The honest limit: sphericity and the order effect. The repeated-measures assumption that matters here is sphericity — the variance of the difference scores must be equal across all pairs of tasks. With only two tasks (one subtraction), sphericity is automatically satisfied, so the two-task design is clean. But the order matters: if every learner does the suspected-empty task first and the known-valuable task second, a fatigue or contrast effect could masquerade as a task effect. The standard fix is counterbalancing — half the class does the tasks in each order — and the order effect is then separable from the task effect. The free-choice paradigm's original design (Deci 1971) compared conditions between groups, not tasks within subjects, so the order-effect question is new to the inverted design and must be handled by counterbalancing (read 2026-06-19 — Wikipedia: Repeated measures design — sphericity assumption (read 2026-06-19); Deci, Effects of externally mediated rewards on intrinsic motivation, Journal of Personality and Social Psychology 1971).

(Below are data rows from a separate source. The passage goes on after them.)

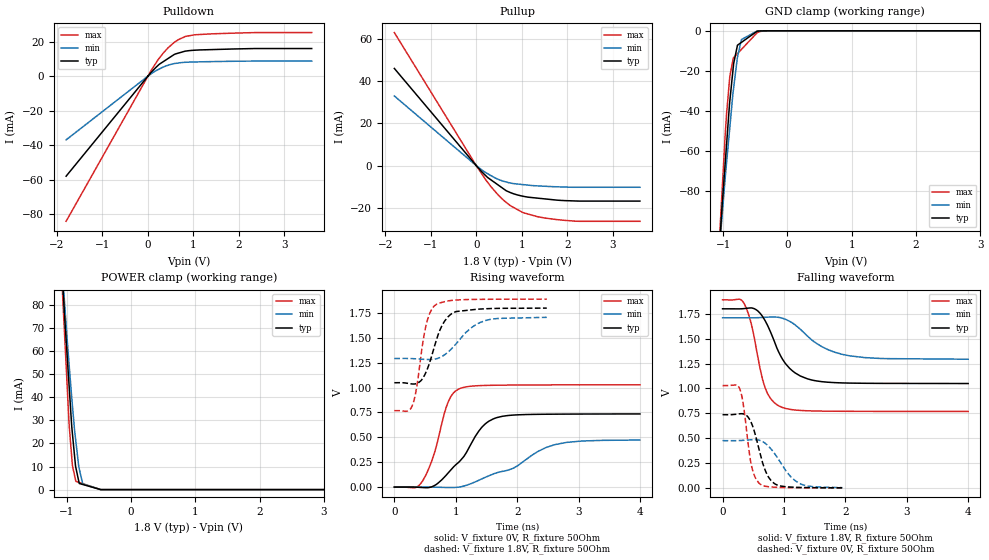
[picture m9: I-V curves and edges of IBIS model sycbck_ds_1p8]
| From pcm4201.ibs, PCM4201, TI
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|   sycbck_ds_1p8 Model
[Model]   sycbck_ds_1p8
Model_type   I/O
Polarity   Non-Inverting
Enable   Active-Low
Vinl = 0.54
Vinh = 1.26
Vmeas = 0.9
Vref = 0.9
Cref = 2pF
Rref = 50
|   typ   min   max
|   (nom PVT)   (fast PVT)   (slow PVT)
|C_comp from frequency sweep method (F=6.94MHz)
|Average
C_comp   1.424e-12   1.242e-12   1.621e-12
|ON state : BUFFER OUTPUT TURNED HIGH
|C_comp   1.510e-12   1.305e-12   1.739e-12
|OFF state: BUFFER IN HIGH IMPEDANCE
|C_comp   1.338e-12   1.179e-12   1.504e-12
|C_comp from LC tank measurement(L=1nH)
|Average
|Resonant Frequency(Hz)   7.410e+09   7.675e+09   7.155e+09
|C_comp   4.618e-13   4.304e-13   4.953e-13
|ON state : BUFFER OUTPUT TURNED HIGH
|Resonant Frequency(Hz)   7.400e+09   7.640e+09   7.170e+09
|C_comp   4.630e-13   4.344e-13   4.932e-13
|OFF state: BUFFER IN HIGH IMPEDANCE
|Resonant Frequency(Hz)   7.420e+09   7.710e+09   7.140e+09
|C_comp   4.605e-13   4.265e-13   4.974e-13
| Where nom  PVT is Nominal Process, 1.8V, 35C
|   Fast PVT is Strong Process,  1.89V, -10C
|   Slow PVT is Weak Process,   1.71V, 80C
[Model Spec]
Vinl   0.54   0.513   0.567
Vinh   1.26   1.197   1.323
[Voltage Range]   1.8   1.71   1.89
|Ambient Temperature   25   70   -10
|Junction Temperature
[Temperature Range]   35   80   -10
[Pullup Reference]   1.8   1.71   1.89
[Pulldown Reference]   0   0   0
[Power Clamp Reference]   1.8   1.71   1.89
[GND Clamp Reference]   0   0   0
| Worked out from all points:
|   slope of the pulldown table from 0 to 0.27 V, typ, clamps not added: 37.4 ohm
|   slope of the pullup table from 0 to 0.27 V, typ, clamps not added: 45.3 ohm
|   GND clamp passes 1 mA (typ) near -0.51 V on its own axis
|   falling waveform, V_fixture 1.8V, R_fixture 50Ohm: 20-80 % time 377ps typ, 566ps min, 242ps max; typ from 1.8 V to 1.05 V
|   rising waveform, V_fixture 0V, R_fixture 50Ohm: 20-80 % time 524ps typ, 937ps min, 283ps max; typ from 0 V to 0.736 V
|   rising waveform, V_fixture 1.8V, R_fixture 50Ohm: 20-80 % time 255ps typ, 400ps min, 172ps max; typ from 1.05 V to 1.8 V
|   falling waveform, V_fixture 0V, R_fixture 50Ohm: 20-80 % time 208ps typ, 333ps min, 136ps max; typ from 0.736 V to 0.001 V
[Pulldown]
|   Voltage   I(typ)   I(min)   I(max)
-1.8V     -57.89mA   -36.89mA   -83.98mA
75.6mV    2.32mA     1.436mA    3.522mA
226.8mV   6.318mA    3.809mA    9.639mA
332.6mV   8.293mA    5.198mA    13.23mA
440.4mV   10.15mA    6.265mA    16.32mA
574.6mV   12.46mA    7.222mA    19.42mA
663.4mV   13.26mA    7.557mA    21.02mA
825.9mV   14.46mA    7.994mA    22.96mA
1.058V    15.03mA    8.196mA    23.95mA
2.366V    15.95mA    8.681mA    25.18mA
3.6V      15.95mA    8.681mA    25.18mA
[GND Clamp]
|   Voltage   I(typ)   I(min)   I(max)
-1.8V     -506.3mA   -422.2mA   -629.4mA
-1.051V   -104.7mA   -105.9mA   -99.82mA
-1.015V   -86.71mA   -91.79mA   -79.1mA
-969.6mV  -66.65mA   -73.72mA   -52.58mA
-950.7mV  -58.34mA   -67.11mA   -43.19mA
-895.9mV  -34.76mA   -47.95mA   -22.49mA
-837mV    -16.38mA   -28.49mA   -13.39mA
-777.6mV  -7.171mA   -13.18mA   -11.37mA
-716.5mV  -5.777mA   -4.369mA   -9.286mA
-470.6mV  -190uA     -45.19uA   -906.7uA
-357.2mV  -9.976uA   -3.626uA   -60.98uA
3.6V      0A         0A         0A
[Pullup]
|   Voltage   I(typ)   I(min)   I(max)
-1.8V     46.08mA    33mA       63.1mA
20.08fV   -9.81pA    -7.712pA   -13.6pA
213.6mV   -4.889mA   -3.416mA   -6.898mA
485.7mV   -9.281mA   -6.558mA   -14mA
657mV     -11.91mA   -7.795mA   -17.47mA
752.2mV   -12.84mA   -8.313mA   -19.06mA
1.058V    -14.7mA    -9.111mA   -22.54mA
1.382V    -15.55mA   -9.689mA   -24.41mA
1.784V    -16.44mA   -10.09mA   -25.67mA
2.268V    -16.87mA   -10.31mA   -26.46mA
3.6V      -16.87mA   -10.31mA   -26.46mA
[POWER Clamp]
|   Voltage   I(typ)   I(min)   I(max)
-1.8V     485.5mA    403.7mA    605.4mA
-1.062V   89.95mA    92.35mA    83.52mA
-1.033V   75.38mA    80.96mA    67.43mA
-963.9mV  45.55mA    54.71mA    28.98mA
-923.4mV  28.12mA    40.32mA    14.72mA
-911mV    24.26mA    36.39mA    10.47mA
-862.2mV  10.1mA     22.02mA    4.108mA
-812.3mV  3.643mA    9.925mA    3.148mA
-804.6mV  2.654mA    9.001mA    3.077mA
-750.7mV  2.225mA    2.486mA    2.582mA
-470.3mV  3.961uA    2.627uA    8.482uA
3.6V      0A         0A         0A
[Ramp]
R_load = 50
|   typ   min   max
dV/dt_r   0.441368/5.23045e-10   0.283939/9.31949e-10   0.616949/2.82498e-10
dV/dt_f   0.450474/3.76601e-10   0.249915/5.60403e-10   0.672853/2.41317e-10
[Falling Waveform]
V_fixture = 1.8V
V_fixture_min = 1.71V
V_fixture_max = 1.89V
R_fixture = 50Ohm
|   Time   V(typ)   V(min)   V(max)
0s        1.8V       1.71V      1.89V
356ps     1.802V     1.71V      1.847V
470ps     1.809V     1.71V      1.641V
688ps     1.686V     1.714V     1.015V
792ps     1.551V     1.717V     889.9mV
938ps     1.336V     1.711V     817.7mV
1.272ns   1.123V     1.591V     778.5mV
1.606ns   1.069V     1.423V     772.1mV
1.954ns   1.055V     1.341V     770.3mV
3.998ns   1.049V     1.293V     768.6mV
[Rising Waveform]
V_fixture = 0V
V_fixture_min = 0V
V_fixture_max = 0V
R_fixture = 50Ohm
|   Time   V(typ)   V(min)   V(max)
0s        642.3pV    1.279nV    373.2pV
340ps     -448uV     319.3uV    -5.828mV
456ps     -4.46mV    254.4uV    57.89mV
658ps     17.07mV    -1.036mV   354mV
872ps     139.3mV    -4.061mV   848.9mV
1.056ns   254.6mV    532uV      988.2mV
1.428ns   604.1mV    83.67mV    1.021V
1.674ns   699.5mV    145.1mV    1.024V
2.612ns   733.2mV    426.6mV    1.028V
3.998ns   735.6mV    473.2mV    1.028V
[Rising Waveform]
V_fixture = 1.8V
V_fixture_min = 1.71V
V_fixture_max = 1.89V
R_fixture = 50Ohm
|   Time   V(typ)   V(min)   V(max)
0s        1.049V     1.293V     768.5mV
216ps     1.043V     1.293V     764.6mV
298ps     1.037V     1.292V     828.7mV
360ps     1.04V      1.289V     990.9mV
518ps     1.159V     1.283V     1.632V
654ps     1.417V     1.286V     1.823V
814ps     1.664V     1.329V     1.864V
994ps     1.763V     1.432V     1.88V
1.49ns    1.793V     1.676V     1.888V
2.482ns   1.8V       1.707V     1.89V
[Falling Waveform]
V_fixture = 0V
V_fixture_min = 0V
V_fixture_max = 0V
R_fixture = 50Ohm
|   Time   V(typ)   V(min)   V(max)
0s        736.1mV    475.1mV    1.028V
282ps     745.1mV    476.4mV    992.3mV
340ps     743.7mV    478.5mV    828mV
466ps     657.4mV    484.2mV    237.2mV
592ps     391.6mV    479.7mV    49.01mV
726ps     133.3mV    431.9mV    13.7mV
888ps     29.41mV    309mV      5.97mV
1.078ns   9.612mV    135.3mV    3.127mV
1.248ns   5.172mV    46.84mV    2.13mV
1.948ns   1.366mV    3.323mV    776.5uV
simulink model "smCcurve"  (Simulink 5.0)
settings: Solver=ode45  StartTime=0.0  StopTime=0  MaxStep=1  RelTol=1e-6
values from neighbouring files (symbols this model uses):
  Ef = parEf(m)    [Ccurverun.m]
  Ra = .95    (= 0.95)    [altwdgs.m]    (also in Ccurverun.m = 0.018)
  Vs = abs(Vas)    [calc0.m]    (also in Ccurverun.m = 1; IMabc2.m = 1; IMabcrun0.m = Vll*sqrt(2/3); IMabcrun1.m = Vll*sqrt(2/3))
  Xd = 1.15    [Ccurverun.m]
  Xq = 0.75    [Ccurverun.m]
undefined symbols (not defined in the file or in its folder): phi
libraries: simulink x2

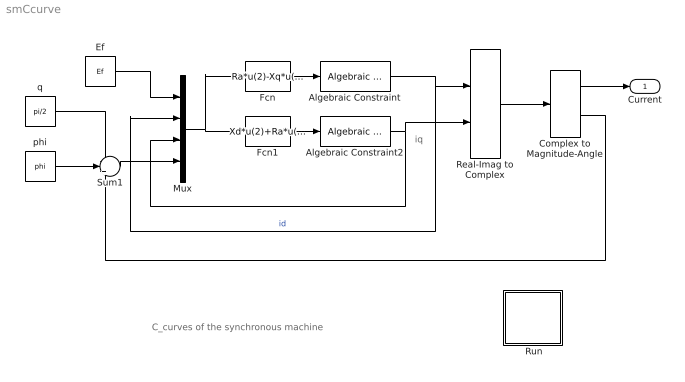
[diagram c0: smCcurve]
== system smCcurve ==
  note: iq
  note: C_curves of the synchronous machine
  " Run" : Subsystem
  Algebraic Constraint : simulink/Math Operations/Algebraic Constraint  z0=.1
  Algebraic Constraint2 : simulink/Math Operations/Algebraic Constraint  z0=0.3
  Complex to Magnitude-Angle : ComplexToMagnitudeAngle
  Ef : Constant  Value=Ef
  Fcn : Fcn  Expr=Ra*u(2)-Xq*u(3)+Vs*sin(u(4))
  Fcn1 : Fcn  Expr=Xd*u(2)+Ra*u(3)-Vs*cos(u(4))+u(1)
  Mux : Mux
  Real-Imag to Complex : RealImagToComplex
  Sum1 : Sum  Inputs=--+
  phi : Constant  Value=phi
  q : Constant  Value=pi/2
  Current : Outport
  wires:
  Mux/1 -> Fcn1/1, Fcn/1
  Ef/1 -> Mux/1
  Fcn/1 -> Algebraic Constraint/1
  Fcn1/1 -> Algebraic Constraint2/1
  Real-Imag to Complex/1 -> Complex to Magnitude-Angle/1
  Algebraic Constraint2/1 -> Real-Imag to Complex/2, Mux/3
  Algebraic Constraint/1 -> Real-Imag to Complex/1, Mux/2  "id"
  q/1 -> Sum1/1
  Complex to Magnitude-Angle/2 -> Sum1/3
  phi/1 -> Sum1/2
  Sum1/1 -> Mux/4
  Complex to Magnitude-Angle/1 -> Current/1

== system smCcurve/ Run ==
  note: Double click the block to enter the machine parameters and run the simulation
  note: This demo illustrates the generation of the compounding C_curvesof a synchronous machine

The honest state. The class-level inverted diagnostic — each learner does both tasks, the average gap difference is computed — preserves the within-learner control because the control lives in the per-learner subtraction, not in the averaging. What is surrendered is the single-learner diagnostic: the class average tells you about the task for the class, not about any individual learner. For a teacher deciding whether a task has value worth assigning again, the class-level answer is the right one and the noise that defeated the single-learner measure averages out. The informational reveal and the four-cell competence-signal control scale the same way. The one new design requirement is counterbalancing the task order, which the original free-choice paradigm never needed because it compared conditions, not tasks. The two-task within-subject design is the smallest, cheapest version that turns the free-choice paradigm from a person-measure into a task-diagnostic, and it is buildable from parts that have existed for fifty years.

uncertain: whether the class-level gap difference is practically meaningful (large enough to justify the design) or whether the free-choice measure's noise is so high that even with averaging, the effect size is too small to reach significance with a realistic class size. The original paradigm's effect sizes were moderate; the within-subject design boosts power, but the free-choice measure (time on task when no one is watching) is notoriously noisy, and a class of 20–30 may not be enough.